# Multidrucker+Faxen per Lan-Kabel



## call_911 (22. September 2013)

Hallo Leute


Folgende Grundlagen sin vorhanden:

Erdgeschoss:

-Telefonanschluss
-Fritzbox 7390
-USB-Festplatte

1.Stock:

-PC
-Laptop
-nochmal PC
-Switch
-Multifunktionsdrucker (noch nicht vorhanden)


Verbindung zwischen EG und OG sind 2x LAN-Kabel


Ich suche:


Nenn Multifunktionsdrucker inclusive FAX, den ich per LAN (oben ist kein Tele-Anschluss) anschliessen kann und damit faxen kann. 

Er müsste auch noch über nen Switch laufen. Gibts so etwas überhaupt?

Gruss Sepp


----------



## locojens (22. September 2013)

Das Faxen kann man auch dank der vorhandenen Fritz!Box mit Fritz!Fax erledigen (Mit FRITZ! LAN im Netzwerk faxen und Adressen verwalten). Also läuft es am Ende eigentlich über den Rechner+Fritz!Box.
Daher braucht man für den Fall einen Lan / W-Lan -fähigen Multifunktionsdrucker welcher keine Faxfunktion haben muß.


----------



## call_911 (22. September 2013)

Danke. 

Mir ginge es aber darum die funktion zu nutzen ohne dass ich den Pc einschalten muss,Zettel einscannen und dann wegfaxen...


Das wäre dann nut die letzte Notlösung falls es anders nicht geht. Aber trotzdem danke für den Hinweis


----------



## locojens (22. September 2013)

Dann wird wohl das notwendige Übel darin bestehen von der Box ein Kabel zu ziehen bis zum Multifunktionsgerät. Am einfachsten Analog also Fon1 oder Fon2 als Ausgang benutzen. Dazu brauch man dann eben doch ein faxtaugliches Multifunktionsgerät.
(Es sind ja nur 2 Litzen nötig TAE-N Kabel)


----------



## call_911 (22. September 2013)

Das war eigentlich was ich nicht machen wollte, direkt über LAN gibta also nix 

Verdammt. Dann muss ich mir ne andere Lösung ausdenken. Trotzdem danke für die Antworten


----------



## cdo (22. September 2013)

Du schreibst:


call_911 schrieb:


> Verbindung zwischen EG und OG sind 2x LAN-Kabel


So wie ich das verstehe, steht im Erdgeschoss deine Fritzbox und im ersten Stock ein Switch. Der Switch hängt mit einem der zwei Lankabel an der Fritzbox und bringt damit das Netzwerk in den ersten Stock. Für was wird das zweite Lankabel benötigt? Du könntest dieses Kabel (RJ45) ja als RJ11 -Kabel verwenden. 
Den Multifunktionsdrucker (im ersten Stock) schließt du mittels RJ45 an den Switch im ersten Stock, dann ist er im Netzerk und der Faxanschluss des Druckers wird mittels dem umfunktionierten zweiten Lan-Kabels in das Erdgeschoss geführt und direkt an die Fritzbox angeschlossen. 

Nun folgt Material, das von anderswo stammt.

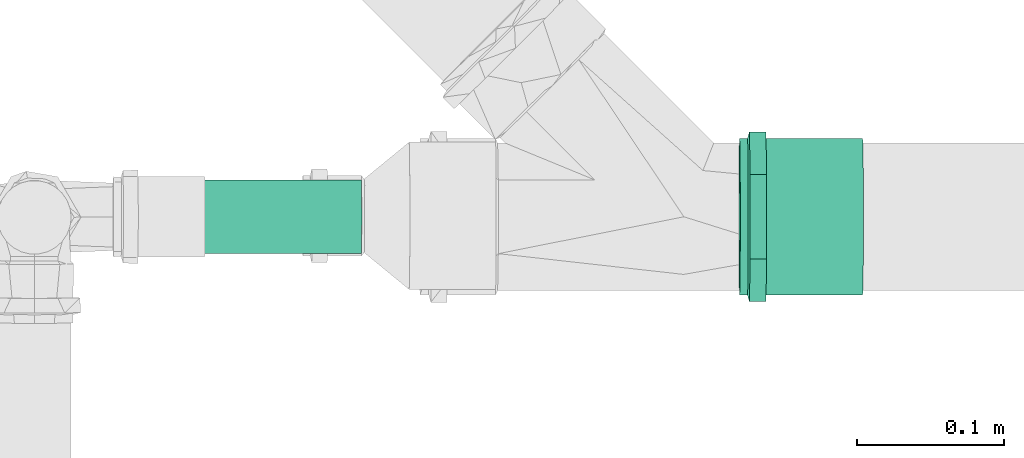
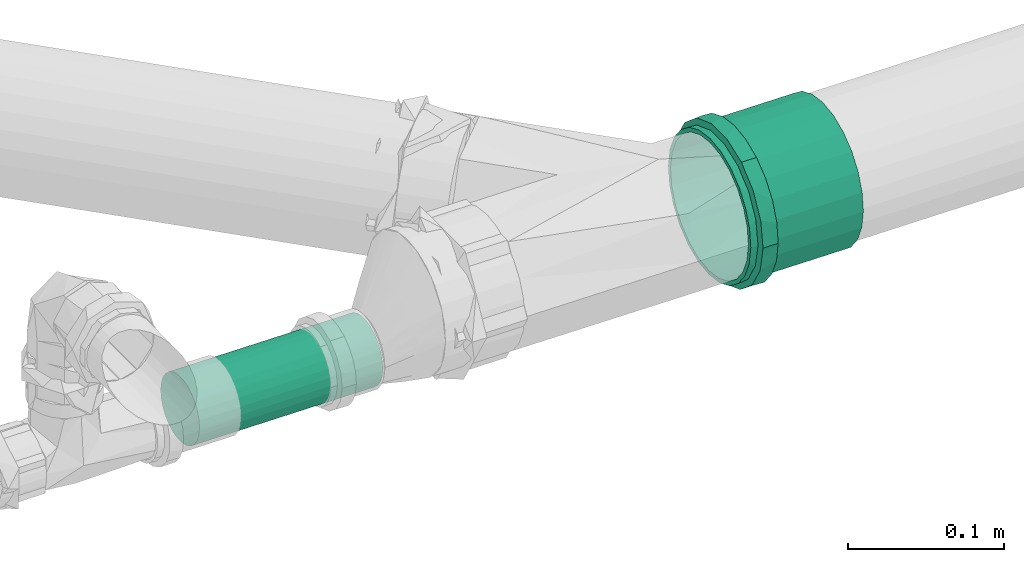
# One storey, part 286 of 589: 1 flow fitting, 1 flow segment.
"""IFC2X3 building model written with IfcOpenShell, lengths in millimetres."""

from ifc_helpers import new_model, entity, si_unit, converted_unit, derived_unit, direction, frame, frame_2d, origin, place, context, subcontext, project, spatial, circle, extrude, faceted_brep, source, transform, mapped, material, type_object, type_shapes, element, save


model = new_model("IFC2X3")

# Units and contexts
model_context = context("Model", 3, precision=0.01, world=origin(), true_north=direction((6.123031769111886e-17, 1.0)))
body_context = subcontext(model_context, "Body", "Model", "MODEL_VIEW")
ifc_project = project(units=[si_unit("LENGTHUNIT", "METRE", prefix="MILLI"), si_unit("AREAUNIT", "SQUARE_METRE"), si_unit("VOLUMEUNIT", "CUBIC_METRE"), converted_unit("PLANEANGLEUNIT", "DEGREE", entity("IfcRatioMeasure", 0.017453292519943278), si_unit("PLANEANGLEUNIT", "RADIAN"), dimensions=[0, 0, 0, 0, 0, 0, 0]), si_unit("MASSUNIT", "GRAM", prefix="KILO"), derived_unit("MASSDENSITYUNIT", [(si_unit("MASSUNIT", "GRAM", prefix="KILO"), 1), (si_unit("LENGTHUNIT", "METRE"), -3)]), derived_unit("IONCONCENTRATIONUNIT", [(si_unit("MASSUNIT", "GRAM", prefix="KILO"), 1), (si_unit("LENGTHUNIT", "METRE"), -3)]), derived_unit("MOMENTOFINERTIAUNIT", [(si_unit("LENGTHUNIT", "METRE"), 4)]), si_unit("TIMEUNIT", "SECOND"), si_unit("FREQUENCYUNIT", "HERTZ"), si_unit("THERMODYNAMICTEMPERATUREUNIT", "DEGREE_CELSIUS"), derived_unit("THERMALTRANSMITTANCEUNIT", [(si_unit("MASSUNIT", "GRAM", prefix="KILO"), 1), (si_unit("THERMODYNAMICTEMPERATUREUNIT", "KELVIN"), -1), (si_unit("TIMEUNIT", "SECOND"), -3)]), derived_unit("THERMALCONDUCTANCEUNIT", [(si_unit("MASSUNIT", "GRAM", prefix="KILO"), 1), (si_unit("THERMODYNAMICTEMPERATUREUNIT", "KELVIN"), -1), (si_unit("TIMEUNIT", "SECOND"), -3), (si_unit("LENGTHUNIT", "METRE"), 1)]), derived_unit("VOLUMETRICFLOWRATEUNIT", [(si_unit("LENGTHUNIT", "METRE"), 3), (si_unit("TIMEUNIT", "SECOND"), -1)]), derived_unit("MASSFLOWRATEUNIT", [(si_unit("MASSUNIT", "GRAM", prefix="KILO"), 1), (si_unit("TIMEUNIT", "SECOND"), -1)]), derived_unit("ROTATIONALFREQUENCYUNIT", [(si_unit("TIMEUNIT", "SECOND"), -1)]), si_unit("ELECTRICCURRENTUNIT", "AMPERE"), si_unit("ELECTRICVOLTAGEUNIT", "VOLT"), si_unit("POWERUNIT", "WATT"), si_unit("FORCEUNIT", "NEWTON", prefix="KILO"), si_unit("ILLUMINANCEUNIT", "LUX"), si_unit("LUMINOUSFLUXUNIT", "LUMEN"), si_unit("LUMINOUSINTENSITYUNIT", "CANDELA"), derived_unit("USERDEFINED", [(si_unit("MASSUNIT", "GRAM", prefix="KILO"), -1), (si_unit("LENGTHUNIT", "METRE"), -2), (si_unit("TIMEUNIT", "SECOND"), 3), (si_unit("LUMINOUSFLUXUNIT", "LUMEN"), 1)]), derived_unit("USERDEFINED", [(si_unit("MASSUNIT", "GRAM", prefix="KILO"), 1), (si_unit("TIMEUNIT", "SECOND"), -3), (si_unit("LENGTHUNIT", "METRE"), 3), (si_unit("ELECTRICCURRENTUNIT", "AMPERE"), -2)]), derived_unit("SOUNDPOWERUNIT", [(si_unit("MASSUNIT", "GRAM", prefix="KILO"), 1), (si_unit("TIMEUNIT", "SECOND"), -3), (si_unit("LENGTHUNIT", "METRE"), 2)]), derived_unit("SOUNDPRESSUREUNIT", [(si_unit("MASSUNIT", "GRAM", prefix="KILO"), 1), (si_unit("LENGTHUNIT", "METRE"), -1), (si_unit("TIMEUNIT", "SECOND"), -2)]), derived_unit("LINEARVELOCITYUNIT", [(si_unit("LENGTHUNIT", "METRE"), 1), (si_unit("TIMEUNIT", "SECOND"), -1)]), si_unit("PRESSUREUNIT", "PASCAL"), derived_unit("USERDEFINED", [(si_unit("MASSUNIT", "GRAM", prefix="KILO"), 1), (si_unit("LENGTHUNIT", "METRE"), -2), (si_unit("TIMEUNIT", "SECOND"), -2)]), derived_unit("LINEARFORCEUNIT", [(si_unit("MASSUNIT", "GRAM", prefix="KILO"), 1), (si_unit("TIMEUNIT", "SECOND"), -2)]), derived_unit("PLANARFORCEUNIT", [(si_unit("MASSUNIT", "GRAM", prefix="KILO"), 1), (si_unit("LENGTHUNIT", "METRE"), -1), (si_unit("TIMEUNIT", "SECOND"), -2)]), derived_unit("SPECIFICHEATCAPACITYUNIT", [(si_unit("THERMODYNAMICTEMPERATUREUNIT", "KELVIN"), -1), (si_unit("LENGTHUNIT", "METRE"), 2), (si_unit("TIMEUNIT", "SECOND"), -2)]), derived_unit("HEATINGVALUEUNIT", [(si_unit("LENGTHUNIT", "METRE"), 2), (si_unit("TIMEUNIT", "SECOND"), -2)]), derived_unit("VAPORPERMEABILITYUNIT", [(si_unit("LENGTHUNIT", "METRE"), -1), (si_unit("TIMEUNIT", "SECOND"), 1)]), derived_unit("DYNAMICVISCOSITYUNIT", [(si_unit("MASSUNIT", "GRAM", prefix="KILO"), 1), (si_unit("TIMEUNIT", "SECOND"), -1), (si_unit("LENGTHUNIT", "METRE"), -1)]), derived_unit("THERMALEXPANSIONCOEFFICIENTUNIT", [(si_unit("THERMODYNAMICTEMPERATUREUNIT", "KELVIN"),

Der Fax-Teil des Multifunktionsdruckers und der zugehörige Anschluss der Fritzbox sind RJ11, das Kabel vom Erdgeschoss in den ersten Stock RJ45 (Achtung: Vermutung: du schreibst "Lan-Kabel", also wirds vermutlich RJ45 sein), also wirst du wohl bei den zwei Übergängen je einen Adapter RJ45 auf RJ11 anstecken oder am Lankabel zwei RJ11 Stecker raufcrimpen müssen.
Fertig!


----------



## call_911 (22. September 2013)

Es sind RJ45-Buchsen oben und unten. Wusste garnicht dass es da Adapter gibt.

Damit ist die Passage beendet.